Atomic Energy of Canada Limited, Mississauga, ON, Canada

Paper No. ICONE18-30338, pp. 365-368; 4 pages
doi:10.1115/ICONE18-30338
From:
  • 18th International Conference on Nuclear Engineering
  • 18th International Conference on Nuclear Engineering: Volume 6
  • Xi’an, China, May 17–21, 2010
  • Conference Sponsors: Nuclear Engineering Division
  • ISBN: 978-0-7918-4934-7
  • Copyright © 2010 by Atomic Energy of Canada Ltd.

abstract

The ACR-1000™ design is an evolutionary advancement of the proven CANDU® reactor design that delivers enhanced economic performance, safety, operability and maintainability. The fuel for the ACR-1000 design is based on the well established CANDU fuel bundle design that has over 40 years of demonstrated high performance.
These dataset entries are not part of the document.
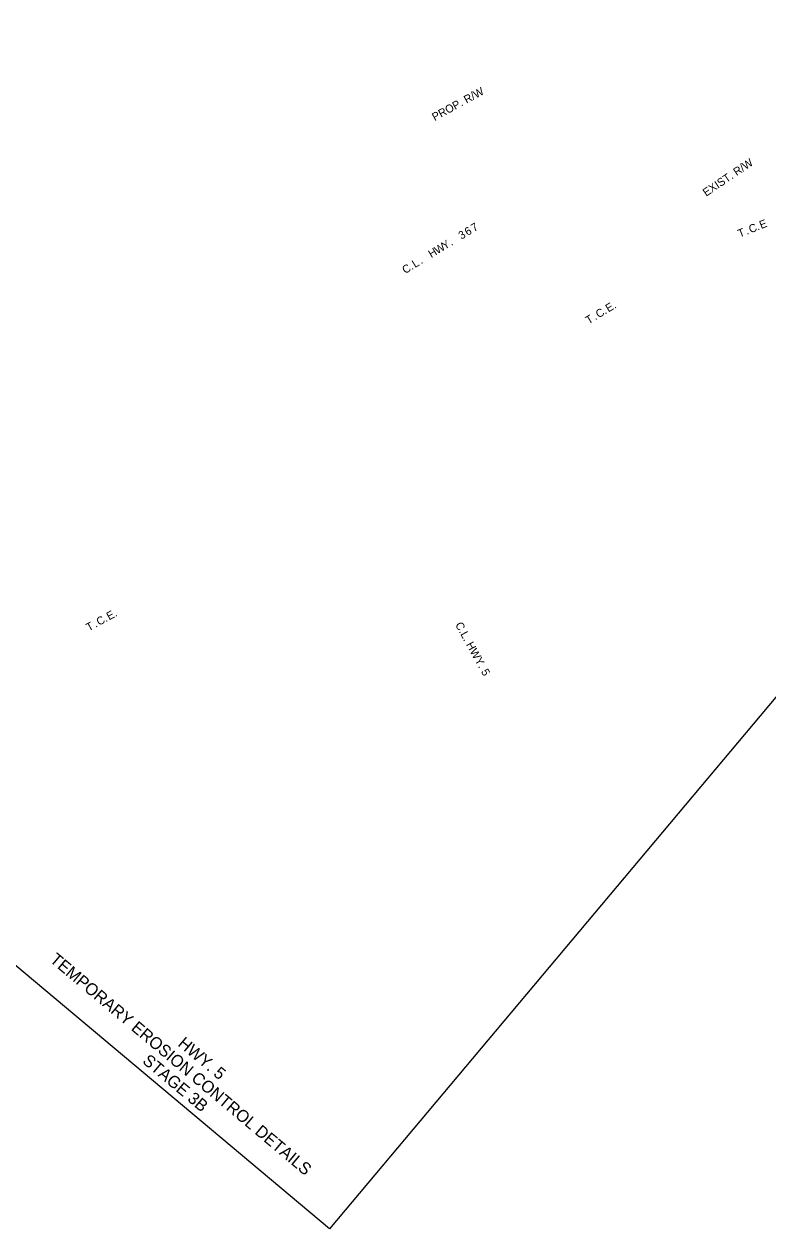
# Model space of a CAD drawing. Extents: x 1292584 to 1294692, y 222754 to 224578.
# Drawn here: x 1293577 to 1294135, y 222754 to 223658 of the extents above; entities that cross this region are included whole.
import ezdxf

# ---------------------------------------------------------------- set-up
doc = ezdxf.new("R2010")
doc.units = 0
for name, color, linetype in [('S_FIBER_OPTIC_CABLE_ANNOT', 7, 'Continuous'), ('S_MISC_TOPO_POINT', 7, 'Continuous'), ('S_SHOULDER', 7, 'Continuous'), ('S_STORM_SEWER_ANNOT', 7, 'Continuous')]:
    doc.layers.add(name, color=color, linetype=linetype)

msp = doc.modelspace()

# ---------------------------------------------------------------- linework, layer by layer
at = {"layer": 'S_SHOULDER'}
msp.add_lwpolyline([(1292584.05, 223779.83), (1293254.04, 224578.3), (1294171.77, 223808.23), (1294139.92, 223770.28), (1294291.79, 223642.84), (1294281.83, 223630.97), (1294336.68, 223584.95), (1294241.87, 223471.95), (1294339.54, 223390), (1293806.17, 222754.35)], close=True, dxfattribs=at)
msp.add_lwpolyline([(1292584.05, 223779.83), (1293254.04, 224578.3), (1294171.77, 223808.23), (1294139.92, 223770.28), (1294291.79, 223642.84), (1294281.83, 223630.97), (1294336.68, 223584.95), (1294241.87, 223471.95), (1294339.54, 223390), (1293806.17, 222754.35)], close=True, dxfattribs=at)
msp.add_lwpolyline([(1292584.05, 223779.83), (1293254.04, 224578.3), (1294171.77, 223808.23), (1294139.92, 223770.28), (1294291.79, 223642.84), (1294281.83, 223630.97), (1294336.68, 223584.95), (1294241.87, 223471.95), (1294339.54, 223390), (1293806.17, 222754.35)], close=True, dxfattribs=at)
msp.add_lwpolyline([(1292584.05, 223779.83), (1293254.04, 224578.3), (1294171.77, 223808.23), (1294139.92, 223770.28), (1294291.79, 223642.84), (1294281.83, 223630.97), (1294336.68, 223584.95), (1294241.87, 223471.95), (1294339.54, 223390), (1293806.17, 222754.35)], close=True, dxfattribs=at)
msp.add_lwpolyline([(1292584.05, 223779.83), (1293254.04, 224578.3), (1294171.77, 223808.23), (1294139.92, 223770.28), (1294291.79, 223642.84), (1294281.83, 223630.97), (1294336.68, 223584.95), (1294241.87, 223471.95), (1294339.54, 223390), (1293806.17, 222754.35)], close=True, dxfattribs=at)
msp.add_lwpolyline([(1292584.05, 223779.83), (1293254.04, 224578.3), (1294171.77, 223808.23), (1294139.92, 223770.28), (1294291.79, 223642.84), (1294281.83, 223630.97), (1294336.68, 223584.95), (1294241.87, 223471.95), (1294339.54, 223390), (1293806.17, 222754.35)], close=True, dxfattribs=at)

# ---------------------------------------------------------------- texts
at = {"layer": 'S_FIBER_OPTIC_CABLE_ANNOT'}
for s, rotation, p in [('PROP. R/W', 28.60191, (1293885.01, 223585.14)), ('EXIST. R/W', 34.11752, (1294088.57, 223528.38))]:
    msp.add_text(s, height=6, rotation=rotation, dxfattribs=at).set_placement(p)
at = {"layer": 'S_MISC_TOPO_POINT'}
for s, p in [('TEMPORARY EROSION CONTROL DETAILS', (1293595.79, 222955.14)), ('HWY. 5', (1293691.82, 222892.19)), ('STAGE 3B', (1293665.21, 222879.27))]:
    msp.add_text(s, height=9, rotation=320, dxfattribs=at).set_placement(p)
at = {"layer": 'S_STORM_SEWER_ANNOT'}
for s, rotation, p in [('7', 31.13376, (1293914.49, 223501.89)), ('C', 21.6622, (1294121.89, 223501)), ('E', 21.6622, (1294129.88, 223504.17)), ('3', 31.24435, (1293905.05, 223496.17)), ('6', 31.19047, (1293909.65, 223498.96)), ('T', 21.6622, (1294113.72, 223497.75)), ('.', 21.6622, (1294119.17, 223499.91)), ('.', 21.6622, (1294127.16, 223503.09)), ('H', 31.49372, (1293882.45, 223482.37)), ('W', 31.45559, (1293887.04, 223485.18)), ('Y', 31.39132, (1293892.51, 223488.53)), ('.', 31.33367, (1293897.43, 223491.53)), ('L', 31.49372, (1293870.24, 223474.89)), ('C', 31.49372, (1293862.91, 223470.4)), ('.', 31.49372, (1293867.74, 223473.36)), ('.', 31.49372, (1293874.83, 223477.71)), ('C', 30.9348, (1294007.92, 223437.19)), ('E', 30.9348, (1294015.29, 223441.61)), ('.', 30.9348, (1294019.91, 223444.38)), ('T', 30.9348, (1294000.38, 223432.68)), ('.', 30.9348, (1294005.41, 223435.69)), ('.', 30.9348, (1294012.78, 223440.11)), ('E', 28.53219, (1293640.87, 223210.68)), ('T', 28.53219, (1293625.59, 223202.37)), ('C', 28.53219, (1293633.32, 223206.57)), ('.', 28.53219, (1293638.3, 223209.28)), ('.', 28.53219, (1293645.6, 223213.25)), ('C.L. HWY. 5', 298.77322, (1293900.19, 223207.5)), ('.', 28.53219, (1293630.74, 223205.17))]:
    msp.add_text(s, height=6, rotation=rotation, dxfattribs=at).set_placement(p)

doc.saveas('drawing.dxf')

Building on its extensive experience in fuel design and analysis, and fuel testing, AECL has designed a CANFLEX-ACR™ fuel bundle that incorporates the latest improvements in CANDU fuel bundle design. The ACR-1000 fuel bundle also includes features that enable the ACR-1000 to achieve higher fuel burn-up and improved reactor core physics characteristics. To verify that the CANFLEX-ACR fuel bundle design will meet and exceed all design requirements, an extensive program of design analysis and testing is being carried out. This program rigorously evaluates the ability of the fuel design to meet all design and performance criteria and particularly those related to fuel failure limits. The design analyses address all of the phenomena that affect the fuel during its residence in the reactor core. Analysis is performed using a suite of computer codes that are used to evaluate the temperatures, deformations, stresses and strains experienced by the fuel bundle during its residence in the reactor core. These analyses take into account the impact of fuel power history and core residence time. Complementing the analyses, testing is performed to demonstrate the compatibility of the fuel with the reactor heat transport system and fuel handling systems, and to demonstrate the ability of the fuel to withstand the mechanical forces that it will experience during its residence in the core. The testing program includes direct measurement of prototype fuel element and fuel bundle properties and performance limits. A number of different test facilities are used including a cold test loop and a hot test loop with a full-scale ACR-1000 fuel channel that operates at reactor coolant temperatures, pressures and flows. This paper summarizes the out-reactor test program and related analysis that provide the basis for verifying that the ACR-1000 fuel design meets its requirements.